Le « roi » décide quoi faire ensuite
Comme ni les blocs de gauche ni ceux de droite n’ont obtenu la majorité, Løkke Rasmussen assume désormais le rôle de leader. Son parti, le Parti de la Liberté, ainsi que 14 députés sur les 179 sièges du Parlement, sont impliqués dans la décision de savoir si Frederiksen peut briguer un troisième mandat dans l’Union européenne et dans un pays de l’OTAN. Il y a 90 sièges pour constituer la majorité.
Løkke Rasmussen a appelé les militants de gauche et de droite à abandonner certaines des positions qu’ils ont choisies pendant la campagne et à “venir jouer avec nous”.

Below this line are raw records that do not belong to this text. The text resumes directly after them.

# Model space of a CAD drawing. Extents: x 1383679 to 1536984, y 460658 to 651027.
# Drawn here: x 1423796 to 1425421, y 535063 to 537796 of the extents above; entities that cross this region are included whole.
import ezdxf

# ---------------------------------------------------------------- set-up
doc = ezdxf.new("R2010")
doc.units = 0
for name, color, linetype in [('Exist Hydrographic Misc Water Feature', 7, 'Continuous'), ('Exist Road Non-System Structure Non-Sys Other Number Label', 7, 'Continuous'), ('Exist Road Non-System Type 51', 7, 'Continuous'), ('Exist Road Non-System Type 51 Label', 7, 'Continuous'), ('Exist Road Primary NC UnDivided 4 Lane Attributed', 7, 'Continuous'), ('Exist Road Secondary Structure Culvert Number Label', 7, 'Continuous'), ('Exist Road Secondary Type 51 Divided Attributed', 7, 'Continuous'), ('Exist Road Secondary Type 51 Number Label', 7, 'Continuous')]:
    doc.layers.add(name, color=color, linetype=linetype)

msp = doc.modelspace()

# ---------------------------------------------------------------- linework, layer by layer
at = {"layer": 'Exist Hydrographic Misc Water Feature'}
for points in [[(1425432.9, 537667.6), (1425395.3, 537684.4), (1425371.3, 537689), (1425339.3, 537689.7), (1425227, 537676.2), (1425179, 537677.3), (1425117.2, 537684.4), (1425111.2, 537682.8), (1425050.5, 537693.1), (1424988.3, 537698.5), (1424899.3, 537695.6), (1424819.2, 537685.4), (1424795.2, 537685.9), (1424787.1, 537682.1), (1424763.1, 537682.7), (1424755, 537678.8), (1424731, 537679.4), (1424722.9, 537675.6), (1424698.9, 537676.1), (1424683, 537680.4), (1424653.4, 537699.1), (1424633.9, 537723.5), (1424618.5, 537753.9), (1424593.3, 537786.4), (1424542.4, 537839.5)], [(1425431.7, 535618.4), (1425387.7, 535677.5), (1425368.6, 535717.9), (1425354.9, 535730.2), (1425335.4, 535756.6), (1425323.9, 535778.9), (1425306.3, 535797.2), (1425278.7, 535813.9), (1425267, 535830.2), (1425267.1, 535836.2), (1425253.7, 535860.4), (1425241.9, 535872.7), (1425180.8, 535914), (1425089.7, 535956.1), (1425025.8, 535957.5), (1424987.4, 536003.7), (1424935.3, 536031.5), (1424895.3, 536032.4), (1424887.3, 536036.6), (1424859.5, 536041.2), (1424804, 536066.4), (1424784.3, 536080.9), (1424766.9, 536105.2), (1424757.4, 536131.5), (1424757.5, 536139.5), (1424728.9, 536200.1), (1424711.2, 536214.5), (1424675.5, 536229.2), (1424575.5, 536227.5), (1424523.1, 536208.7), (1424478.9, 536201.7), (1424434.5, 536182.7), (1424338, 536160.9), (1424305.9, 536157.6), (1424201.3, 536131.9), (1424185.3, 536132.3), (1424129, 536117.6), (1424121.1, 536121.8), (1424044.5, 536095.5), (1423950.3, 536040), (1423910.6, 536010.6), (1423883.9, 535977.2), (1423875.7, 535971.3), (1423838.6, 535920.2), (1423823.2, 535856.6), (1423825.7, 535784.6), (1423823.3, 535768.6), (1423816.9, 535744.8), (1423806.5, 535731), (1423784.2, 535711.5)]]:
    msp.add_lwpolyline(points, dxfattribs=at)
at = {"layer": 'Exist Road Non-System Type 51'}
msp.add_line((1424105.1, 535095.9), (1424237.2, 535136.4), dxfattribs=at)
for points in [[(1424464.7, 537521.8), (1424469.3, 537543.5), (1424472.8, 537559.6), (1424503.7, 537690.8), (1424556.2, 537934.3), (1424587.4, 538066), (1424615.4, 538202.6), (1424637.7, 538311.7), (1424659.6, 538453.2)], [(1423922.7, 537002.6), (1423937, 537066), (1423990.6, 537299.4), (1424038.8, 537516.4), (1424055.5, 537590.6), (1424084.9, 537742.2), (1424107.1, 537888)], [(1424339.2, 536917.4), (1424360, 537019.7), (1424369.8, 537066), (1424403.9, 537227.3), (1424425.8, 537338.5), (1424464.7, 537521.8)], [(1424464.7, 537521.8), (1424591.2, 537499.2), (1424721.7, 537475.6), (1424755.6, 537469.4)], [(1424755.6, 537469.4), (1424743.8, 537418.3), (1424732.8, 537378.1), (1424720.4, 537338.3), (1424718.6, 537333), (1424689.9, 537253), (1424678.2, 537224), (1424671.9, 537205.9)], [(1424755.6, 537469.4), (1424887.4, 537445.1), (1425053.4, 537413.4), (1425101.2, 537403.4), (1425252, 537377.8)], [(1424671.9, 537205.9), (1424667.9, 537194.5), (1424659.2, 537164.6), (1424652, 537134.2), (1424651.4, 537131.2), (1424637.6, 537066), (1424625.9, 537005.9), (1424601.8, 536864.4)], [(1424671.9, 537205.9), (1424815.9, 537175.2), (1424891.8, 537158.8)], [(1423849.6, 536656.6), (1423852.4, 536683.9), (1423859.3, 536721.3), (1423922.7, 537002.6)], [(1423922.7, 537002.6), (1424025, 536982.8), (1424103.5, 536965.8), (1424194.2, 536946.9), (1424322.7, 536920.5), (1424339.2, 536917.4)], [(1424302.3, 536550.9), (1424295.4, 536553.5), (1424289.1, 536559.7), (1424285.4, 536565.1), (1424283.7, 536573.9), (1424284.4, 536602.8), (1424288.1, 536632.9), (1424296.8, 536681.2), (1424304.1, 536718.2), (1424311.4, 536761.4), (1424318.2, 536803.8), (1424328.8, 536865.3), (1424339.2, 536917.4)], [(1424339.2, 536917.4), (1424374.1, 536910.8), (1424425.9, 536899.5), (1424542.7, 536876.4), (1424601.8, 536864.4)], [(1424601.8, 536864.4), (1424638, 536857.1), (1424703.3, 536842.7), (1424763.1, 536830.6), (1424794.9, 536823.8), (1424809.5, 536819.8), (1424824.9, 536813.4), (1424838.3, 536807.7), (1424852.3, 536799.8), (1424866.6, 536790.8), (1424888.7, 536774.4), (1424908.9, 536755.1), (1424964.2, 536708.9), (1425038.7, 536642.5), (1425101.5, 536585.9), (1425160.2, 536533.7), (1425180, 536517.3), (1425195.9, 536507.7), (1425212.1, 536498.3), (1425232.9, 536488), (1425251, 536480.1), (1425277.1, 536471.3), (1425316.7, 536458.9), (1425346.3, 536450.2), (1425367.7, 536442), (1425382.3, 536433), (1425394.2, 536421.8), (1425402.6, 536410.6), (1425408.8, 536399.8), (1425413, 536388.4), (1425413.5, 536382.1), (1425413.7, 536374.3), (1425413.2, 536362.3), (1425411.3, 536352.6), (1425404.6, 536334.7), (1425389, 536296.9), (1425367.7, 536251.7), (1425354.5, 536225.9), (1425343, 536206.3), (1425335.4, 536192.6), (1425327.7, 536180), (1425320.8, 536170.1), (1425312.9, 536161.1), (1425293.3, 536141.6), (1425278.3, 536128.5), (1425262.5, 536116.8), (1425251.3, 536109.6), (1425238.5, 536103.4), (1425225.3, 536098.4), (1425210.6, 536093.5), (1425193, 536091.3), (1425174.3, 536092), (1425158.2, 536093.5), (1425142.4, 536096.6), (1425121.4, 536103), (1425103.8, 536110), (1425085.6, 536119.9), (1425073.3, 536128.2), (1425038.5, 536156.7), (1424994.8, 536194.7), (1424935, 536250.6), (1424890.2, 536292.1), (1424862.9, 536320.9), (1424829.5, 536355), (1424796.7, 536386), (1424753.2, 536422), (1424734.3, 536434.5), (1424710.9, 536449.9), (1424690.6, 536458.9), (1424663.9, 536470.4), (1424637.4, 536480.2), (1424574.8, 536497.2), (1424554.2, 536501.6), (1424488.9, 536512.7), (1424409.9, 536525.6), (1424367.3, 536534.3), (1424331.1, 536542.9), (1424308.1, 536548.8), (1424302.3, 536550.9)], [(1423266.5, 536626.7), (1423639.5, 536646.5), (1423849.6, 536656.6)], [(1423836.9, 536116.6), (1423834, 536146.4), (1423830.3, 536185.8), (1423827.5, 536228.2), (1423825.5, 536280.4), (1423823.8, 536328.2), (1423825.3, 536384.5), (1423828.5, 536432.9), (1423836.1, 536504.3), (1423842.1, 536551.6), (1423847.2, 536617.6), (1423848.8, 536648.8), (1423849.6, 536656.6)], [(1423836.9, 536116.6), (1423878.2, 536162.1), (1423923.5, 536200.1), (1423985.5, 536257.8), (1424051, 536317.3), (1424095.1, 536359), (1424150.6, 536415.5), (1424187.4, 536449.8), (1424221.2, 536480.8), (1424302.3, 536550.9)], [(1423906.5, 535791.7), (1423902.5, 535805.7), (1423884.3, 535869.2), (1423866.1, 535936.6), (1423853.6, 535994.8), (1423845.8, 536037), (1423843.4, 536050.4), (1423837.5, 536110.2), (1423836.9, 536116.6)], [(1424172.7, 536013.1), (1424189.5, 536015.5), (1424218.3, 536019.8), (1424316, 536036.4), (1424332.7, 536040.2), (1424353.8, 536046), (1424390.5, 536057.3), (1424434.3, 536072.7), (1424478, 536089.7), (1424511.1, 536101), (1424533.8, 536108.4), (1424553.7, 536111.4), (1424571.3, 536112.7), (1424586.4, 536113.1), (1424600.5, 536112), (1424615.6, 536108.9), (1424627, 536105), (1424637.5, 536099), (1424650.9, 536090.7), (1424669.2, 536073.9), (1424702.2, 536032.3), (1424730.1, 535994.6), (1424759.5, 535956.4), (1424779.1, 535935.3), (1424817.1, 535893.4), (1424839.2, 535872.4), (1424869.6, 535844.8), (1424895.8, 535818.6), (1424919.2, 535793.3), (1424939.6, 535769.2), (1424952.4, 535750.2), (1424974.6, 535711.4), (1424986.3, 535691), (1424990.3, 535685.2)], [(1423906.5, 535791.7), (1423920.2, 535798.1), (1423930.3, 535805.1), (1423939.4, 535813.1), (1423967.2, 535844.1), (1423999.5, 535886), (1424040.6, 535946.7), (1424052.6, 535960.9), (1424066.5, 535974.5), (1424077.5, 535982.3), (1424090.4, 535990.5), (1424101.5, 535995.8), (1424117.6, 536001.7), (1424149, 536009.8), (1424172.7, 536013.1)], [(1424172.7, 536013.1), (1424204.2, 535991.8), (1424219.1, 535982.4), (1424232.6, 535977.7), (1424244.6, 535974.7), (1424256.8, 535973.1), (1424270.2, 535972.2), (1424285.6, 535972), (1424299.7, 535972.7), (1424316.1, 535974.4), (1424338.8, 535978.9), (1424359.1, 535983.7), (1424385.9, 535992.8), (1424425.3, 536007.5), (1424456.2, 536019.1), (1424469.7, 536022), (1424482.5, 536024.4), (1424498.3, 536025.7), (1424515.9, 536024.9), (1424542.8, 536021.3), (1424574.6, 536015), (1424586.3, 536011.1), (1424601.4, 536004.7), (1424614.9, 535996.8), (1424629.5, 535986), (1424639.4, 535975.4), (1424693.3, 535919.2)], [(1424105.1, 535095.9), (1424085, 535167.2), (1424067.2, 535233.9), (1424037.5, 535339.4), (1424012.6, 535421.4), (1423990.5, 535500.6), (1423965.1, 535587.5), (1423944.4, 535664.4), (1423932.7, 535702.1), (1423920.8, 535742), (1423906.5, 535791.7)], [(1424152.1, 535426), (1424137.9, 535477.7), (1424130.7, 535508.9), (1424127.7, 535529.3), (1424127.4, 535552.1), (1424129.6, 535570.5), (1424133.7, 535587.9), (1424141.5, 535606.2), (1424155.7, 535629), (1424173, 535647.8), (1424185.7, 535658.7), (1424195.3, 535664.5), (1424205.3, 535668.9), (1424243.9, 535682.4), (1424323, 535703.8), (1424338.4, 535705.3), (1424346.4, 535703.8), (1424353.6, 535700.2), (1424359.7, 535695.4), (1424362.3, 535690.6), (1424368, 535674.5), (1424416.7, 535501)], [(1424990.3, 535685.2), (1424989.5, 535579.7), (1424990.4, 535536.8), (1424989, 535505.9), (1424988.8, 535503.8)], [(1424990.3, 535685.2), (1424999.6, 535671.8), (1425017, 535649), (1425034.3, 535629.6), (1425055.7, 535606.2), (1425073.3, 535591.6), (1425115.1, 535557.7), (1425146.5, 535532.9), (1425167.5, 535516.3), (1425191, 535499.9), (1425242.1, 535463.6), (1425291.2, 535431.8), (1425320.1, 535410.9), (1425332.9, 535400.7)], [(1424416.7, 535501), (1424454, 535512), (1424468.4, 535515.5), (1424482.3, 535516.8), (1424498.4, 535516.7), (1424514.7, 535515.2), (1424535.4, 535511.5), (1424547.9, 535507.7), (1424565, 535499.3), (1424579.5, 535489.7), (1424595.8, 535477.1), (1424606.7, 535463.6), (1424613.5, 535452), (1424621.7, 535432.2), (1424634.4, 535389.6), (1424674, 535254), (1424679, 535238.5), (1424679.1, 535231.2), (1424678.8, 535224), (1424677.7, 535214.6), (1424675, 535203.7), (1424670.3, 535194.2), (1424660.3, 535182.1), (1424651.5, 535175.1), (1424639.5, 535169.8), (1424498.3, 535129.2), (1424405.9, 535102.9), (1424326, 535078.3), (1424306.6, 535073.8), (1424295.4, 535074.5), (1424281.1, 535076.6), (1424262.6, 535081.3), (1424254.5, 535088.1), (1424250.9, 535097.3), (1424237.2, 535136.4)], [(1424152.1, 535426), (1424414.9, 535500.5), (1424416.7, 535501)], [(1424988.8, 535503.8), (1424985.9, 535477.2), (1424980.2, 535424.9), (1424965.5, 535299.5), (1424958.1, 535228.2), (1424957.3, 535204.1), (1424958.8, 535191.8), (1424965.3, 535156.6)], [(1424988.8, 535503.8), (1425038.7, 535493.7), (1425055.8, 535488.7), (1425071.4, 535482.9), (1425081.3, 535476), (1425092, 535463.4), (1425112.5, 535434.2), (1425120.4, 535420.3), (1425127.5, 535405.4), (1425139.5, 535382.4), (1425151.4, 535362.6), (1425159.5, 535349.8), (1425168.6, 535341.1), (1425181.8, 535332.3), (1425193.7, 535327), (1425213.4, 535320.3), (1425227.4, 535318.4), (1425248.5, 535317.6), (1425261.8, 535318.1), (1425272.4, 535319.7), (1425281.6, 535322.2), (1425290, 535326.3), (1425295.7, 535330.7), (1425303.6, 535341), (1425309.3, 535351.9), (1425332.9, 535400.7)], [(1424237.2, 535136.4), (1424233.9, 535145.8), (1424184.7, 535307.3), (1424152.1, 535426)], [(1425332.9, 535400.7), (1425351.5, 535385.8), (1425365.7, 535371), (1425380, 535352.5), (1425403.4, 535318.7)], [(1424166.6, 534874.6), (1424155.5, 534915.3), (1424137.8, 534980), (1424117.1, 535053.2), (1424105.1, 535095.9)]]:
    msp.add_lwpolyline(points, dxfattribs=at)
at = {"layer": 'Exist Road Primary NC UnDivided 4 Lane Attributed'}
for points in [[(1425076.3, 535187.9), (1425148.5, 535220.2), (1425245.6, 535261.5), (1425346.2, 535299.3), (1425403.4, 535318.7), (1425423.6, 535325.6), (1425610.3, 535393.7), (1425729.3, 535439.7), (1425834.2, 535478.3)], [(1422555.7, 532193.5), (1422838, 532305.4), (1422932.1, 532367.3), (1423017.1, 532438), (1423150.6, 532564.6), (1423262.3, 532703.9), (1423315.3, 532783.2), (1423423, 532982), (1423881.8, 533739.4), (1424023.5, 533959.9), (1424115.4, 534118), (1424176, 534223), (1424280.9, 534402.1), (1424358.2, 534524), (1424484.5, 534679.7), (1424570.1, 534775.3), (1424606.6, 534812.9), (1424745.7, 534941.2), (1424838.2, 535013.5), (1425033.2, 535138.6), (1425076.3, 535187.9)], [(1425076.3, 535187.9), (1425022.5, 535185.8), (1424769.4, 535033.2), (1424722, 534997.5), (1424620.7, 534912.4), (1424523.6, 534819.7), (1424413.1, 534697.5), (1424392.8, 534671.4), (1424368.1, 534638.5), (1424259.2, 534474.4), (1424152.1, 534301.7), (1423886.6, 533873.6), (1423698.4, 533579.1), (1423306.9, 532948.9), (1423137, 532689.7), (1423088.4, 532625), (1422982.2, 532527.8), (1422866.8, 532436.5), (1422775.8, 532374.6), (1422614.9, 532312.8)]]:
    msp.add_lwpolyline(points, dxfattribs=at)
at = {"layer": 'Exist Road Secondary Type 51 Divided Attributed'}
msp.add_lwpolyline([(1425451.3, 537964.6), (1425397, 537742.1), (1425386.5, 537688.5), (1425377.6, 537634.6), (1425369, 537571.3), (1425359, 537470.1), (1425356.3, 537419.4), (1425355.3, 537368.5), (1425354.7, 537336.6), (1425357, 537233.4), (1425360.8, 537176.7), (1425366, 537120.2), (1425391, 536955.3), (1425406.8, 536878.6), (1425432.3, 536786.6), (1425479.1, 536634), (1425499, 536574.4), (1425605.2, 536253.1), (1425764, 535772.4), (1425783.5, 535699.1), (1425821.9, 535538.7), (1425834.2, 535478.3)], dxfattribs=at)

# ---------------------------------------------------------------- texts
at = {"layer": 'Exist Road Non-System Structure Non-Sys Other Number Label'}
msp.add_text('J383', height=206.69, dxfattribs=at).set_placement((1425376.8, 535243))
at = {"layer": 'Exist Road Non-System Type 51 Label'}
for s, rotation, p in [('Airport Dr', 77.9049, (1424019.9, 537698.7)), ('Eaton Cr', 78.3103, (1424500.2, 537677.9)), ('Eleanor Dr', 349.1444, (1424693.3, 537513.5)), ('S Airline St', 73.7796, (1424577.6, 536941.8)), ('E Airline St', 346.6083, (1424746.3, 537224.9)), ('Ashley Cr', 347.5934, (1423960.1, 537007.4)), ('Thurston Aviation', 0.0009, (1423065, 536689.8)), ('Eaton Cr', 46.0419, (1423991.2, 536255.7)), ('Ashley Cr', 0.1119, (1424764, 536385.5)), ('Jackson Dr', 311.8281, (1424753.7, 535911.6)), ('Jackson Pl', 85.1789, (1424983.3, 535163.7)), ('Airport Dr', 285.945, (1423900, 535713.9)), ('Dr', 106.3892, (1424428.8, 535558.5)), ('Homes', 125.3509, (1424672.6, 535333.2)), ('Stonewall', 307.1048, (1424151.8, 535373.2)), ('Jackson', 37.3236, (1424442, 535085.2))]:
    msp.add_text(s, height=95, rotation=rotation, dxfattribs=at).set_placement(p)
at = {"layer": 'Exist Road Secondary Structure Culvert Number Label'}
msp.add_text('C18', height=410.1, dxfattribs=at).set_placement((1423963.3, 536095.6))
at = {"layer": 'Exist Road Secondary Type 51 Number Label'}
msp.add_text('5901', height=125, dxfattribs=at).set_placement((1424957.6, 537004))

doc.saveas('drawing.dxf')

Aucun des blocs ne pourra former une majorité sans le soutien des conservateurs, qui sont les seuls véritables vainqueurs des élections.
“J’ai proposé l’autre jour – et nous le resterons – de prendre la responsabilité de siéger avec les partis des deux côtés de la ligne centrale politique pour voir si un agenda politique peut être créé, afin que le gouvernement puisse se mettre d’accord”, a déclaré Løkke Rasmussen mercredi.
Stubager a déclaré qu’ils devaient imposer des concessions sur les promesses de chaque parti pour atteindre leur objectif : un gouvernement central.
“En ce qui me concerne, nous ne pouvons pas construire un gouvernement si nous conservons ces lignes électriques”, a déclaré Stubager. “Il faut donc que quelqu’un revienne sur sa promesse de former un gouvernement.”
Le Groenland a donné une tribune au ministre des Affaires étrangères
Une partie du succès des modérés peut être attribuée à Trump et au Groenland, a déclaré Stubager. À la fin de l’année dernière, les élections du parti ont été mauvaises, mais ensuite Løkke Rasmussen, le ministre des Affaires étrangères du gouvernement, a fait preuve de ses efforts diplomatiques pour apaiser les problèmes avec les États-Unis et d’une visite à Washington.
“Donald Trump a préparé le terrain pour que Lars Løkke puisse y parvenir, et il l’a bien fait aux yeux de la plupart des Danois”, a déclaré Stubager.
Frederiksen a également effectué des opérations bancaires au Groenland. Ses propres sondages du début de l’année ont montré un regain de soutien, ce qui l’a incité à déclencher des élections en février, soit des mois avant la date prévue. Il semble qu’il espérait que sa position décisive à ce poste l’aiderait auprès des électeurs.
Le vote anticipé n’a pas été un pari raté, car les sociaux-démocrates bénéficiaient de moins de soutien qu’avant la crise.
Frederiksen a prévenu en janvier qu’une prise de contrôle américaine du Groenland mettrait fin à l’OTAN. Mais le problème s’est atténué pour l’instant.
Trump a soutenu les menaces d’imposer des droits de douane au Danemark et à d’autres pays européens qui s’opposaient à la gestion américaine de l’île arctique, et les États-Unis, le Danemark et le Groenland ont entamé des négociations techniques sur un accord de sécurité dans l’Arctique. Les discussions sont en cours.
Manenkov, Dazio et Brooks écrivent pour Associated Press. Dazio a parlé depuis Berlin.